:: RECORDS SUPPLIED ::
####################
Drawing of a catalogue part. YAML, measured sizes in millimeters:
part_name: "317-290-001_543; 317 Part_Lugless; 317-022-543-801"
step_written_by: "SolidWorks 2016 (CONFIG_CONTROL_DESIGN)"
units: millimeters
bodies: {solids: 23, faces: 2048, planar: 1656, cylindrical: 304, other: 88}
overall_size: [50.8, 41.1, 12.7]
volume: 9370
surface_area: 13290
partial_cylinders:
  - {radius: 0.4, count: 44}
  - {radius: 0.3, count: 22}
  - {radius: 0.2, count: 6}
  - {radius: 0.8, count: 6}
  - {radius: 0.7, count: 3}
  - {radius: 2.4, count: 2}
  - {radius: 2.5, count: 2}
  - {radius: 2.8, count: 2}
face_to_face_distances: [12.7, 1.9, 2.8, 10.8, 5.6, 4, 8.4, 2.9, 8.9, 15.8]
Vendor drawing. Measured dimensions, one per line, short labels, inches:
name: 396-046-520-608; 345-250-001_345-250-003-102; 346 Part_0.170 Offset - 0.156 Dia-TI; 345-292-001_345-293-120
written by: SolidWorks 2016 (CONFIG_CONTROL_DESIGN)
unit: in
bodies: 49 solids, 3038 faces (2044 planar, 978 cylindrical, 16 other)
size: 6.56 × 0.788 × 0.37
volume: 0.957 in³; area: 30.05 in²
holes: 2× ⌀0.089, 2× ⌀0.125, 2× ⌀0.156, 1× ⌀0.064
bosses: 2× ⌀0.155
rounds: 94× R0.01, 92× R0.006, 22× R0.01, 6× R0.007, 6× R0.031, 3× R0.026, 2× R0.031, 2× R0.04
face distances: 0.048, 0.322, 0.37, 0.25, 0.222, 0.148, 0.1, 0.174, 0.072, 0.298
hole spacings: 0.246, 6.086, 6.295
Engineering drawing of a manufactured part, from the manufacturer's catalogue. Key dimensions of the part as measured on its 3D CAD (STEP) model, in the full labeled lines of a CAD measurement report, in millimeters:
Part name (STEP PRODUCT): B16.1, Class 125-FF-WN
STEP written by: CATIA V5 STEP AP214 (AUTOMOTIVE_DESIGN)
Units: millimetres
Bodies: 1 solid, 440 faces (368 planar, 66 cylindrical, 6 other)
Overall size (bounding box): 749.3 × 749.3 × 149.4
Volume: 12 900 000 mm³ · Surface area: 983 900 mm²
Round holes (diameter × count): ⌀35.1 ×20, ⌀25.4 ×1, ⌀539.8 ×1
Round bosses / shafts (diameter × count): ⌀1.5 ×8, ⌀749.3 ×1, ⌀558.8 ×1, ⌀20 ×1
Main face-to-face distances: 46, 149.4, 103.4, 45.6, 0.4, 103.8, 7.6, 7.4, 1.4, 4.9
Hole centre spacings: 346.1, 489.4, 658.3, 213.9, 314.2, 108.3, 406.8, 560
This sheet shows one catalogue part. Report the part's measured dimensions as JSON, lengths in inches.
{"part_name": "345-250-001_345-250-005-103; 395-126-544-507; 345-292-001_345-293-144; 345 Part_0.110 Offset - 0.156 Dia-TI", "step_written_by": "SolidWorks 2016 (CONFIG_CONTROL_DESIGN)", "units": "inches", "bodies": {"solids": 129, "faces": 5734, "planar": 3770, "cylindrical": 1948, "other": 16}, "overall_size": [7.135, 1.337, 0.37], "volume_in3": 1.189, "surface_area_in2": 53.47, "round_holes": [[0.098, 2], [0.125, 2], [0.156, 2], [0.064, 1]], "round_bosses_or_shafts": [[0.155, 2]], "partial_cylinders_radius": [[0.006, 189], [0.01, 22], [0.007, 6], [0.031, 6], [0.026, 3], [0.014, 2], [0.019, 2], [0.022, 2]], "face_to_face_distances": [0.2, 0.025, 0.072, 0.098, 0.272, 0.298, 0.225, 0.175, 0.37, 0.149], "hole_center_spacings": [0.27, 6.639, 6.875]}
####################
:: EXERCISE REQUIREMENTS ::
Quote every entry exactly.

:: RESPONSE ::
Drawing of a catalogue part. YAML, measured sizes in millimeters:
part_name: "317-290-001_543; 317 Part_Lugless; 317-022-543-801"
step_written_by: "SolidWorks 2016 (CONFIG_CONTROL_DESIGN)"
units: millimeters
bodies: {solids: 23, faces: 2048, planar: 1656, cylindrical: 304, other: 88}
overall_size: [50.8, 41.1, 12.7]
volume: 9370
surface_area: 13290
partial_cylinders:
  - {radius: 0.4, count: 44}
  - {radius: 0.3, count: 22}
  - {radius: 0.2, count: 6}
  - {radius: 0.8, count: 6}
  - {radius: 0.7, count: 3}
  - {radius: 2.4, count: 2}
  - {radius: 2.5, count: 2}
  - {radius: 2.8, count: 2}
face_to_face_distances: [12.7, 1.9, 2.8, 10.8, 5.6, 4, 8.4, 2.9, 8.9, 15.8]
Vendor drawing. Measured dimensions, one per line, short labels, inches:
name: 396-046-520-608; 345-250-001_345-250-003-102; 346 Part_0.170 Offset - 0.156 Dia-TI; 345-292-001_345-293-120
written by: SolidWorks 2016 (CONFIG_CONTROL_DESIGN)
unit: in
bodies: 49 solids, 3038 faces (2044 planar, 978 cylindrical, 16 other)
size: 6.56 × 0.788 × 0.37
volume: 0.957 in³; area: 30.05 in²
holes: 2× ⌀0.089, 2× ⌀0.125, 2× ⌀0.156, 1× ⌀0.064
bosses: 2× ⌀0.155
rounds: 94× R0.01, 92× R0.006, 22× R0.01, 6× R0.007, 6× R0.031, 3× R0.026, 2× R0.031, 2× R0.04
face distances: 0.048, 0.322, 0.37, 0.25, 0.222, 0.148, 0.1, 0.174, 0.072, 0.298
hole spacings: 0.246, 6.086, 6.295
Engineering drawing of a manufactured part, from the manufacturer's catalogue. Key dimensions of the part as measured on its 3D CAD (STEP) model, in the full labeled lines of a CAD measurement report, in millimeters:
Part name (STEP PRODUCT): B16.1, Class 125-FF-WN
STEP written by: CATIA V5 STEP AP214 (AUTOMOTIVE_DESIGN)
Units: millimetres
Bodies: 1 solid, 440 faces (368 planar, 66 cylindrical, 6 other)
Overall size (bounding box): 749.3 × 749.3 × 149.4
Volume: 12 900 000 mm³ · Surface area: 983 900 mm²
Round holes (diameter × count): ⌀35.1 ×20, ⌀25.4 ×1, ⌀539.8 ×1
Round bosses / shafts (diameter × count): ⌀1.5 ×8, ⌀749.3 ×1, ⌀558.8 ×1, ⌀20 ×1
Main face-to-face distances: 46, 149.4, 103.4, 45.6, 0.4, 103.8, 7.6, 7.4, 1.4, 4.9
Hole centre spacings: 346.1, 489.4, 658.3, 213.9, 314.2, 108.3, 406.8, 560
This sheet shows one catalogue part. Report the part's measured dimensions as JSON, lengths in inches.
{"part_name": "345-250-001_345-250-005-103; 395-126-544-507; 345-292-001_345-293-144; 345 Part_0.110 Offset - 0.156 Dia-TI", "step_written_by": "SolidWorks 2016 (CONFIG_CONTROL_DESIGN)", "units": "inches", "bodies": {"solids": 129, "faces": 5734, "planar": 3770, "cylindrical": 1948, "other": 16}, "overall_size": [7.135, 1.337, 0.37], "volume_in3": 1.189, "surface_area_in2": 53.47, "round_holes": [[0.098, 2], [0.125, 2], [0.156, 2], [0.064, 1]], "round_bosses_or_shafts": [[0.155, 2]], "partial_cylinders_radius": [[0.006, 189], [0.01, 22], [0.007, 6], [0.031, 6], [0.026, 3], [0.014, 2], [0.019, 2], [0.022, 2]], "face_to_face_distances": [0.2, 0.025, 0.072, 0.098, 0.272, 0.298, 0.225, 0.175, 0.37, 0.149], "hole_center_spacings": [0.27, 6.639, 6.875]}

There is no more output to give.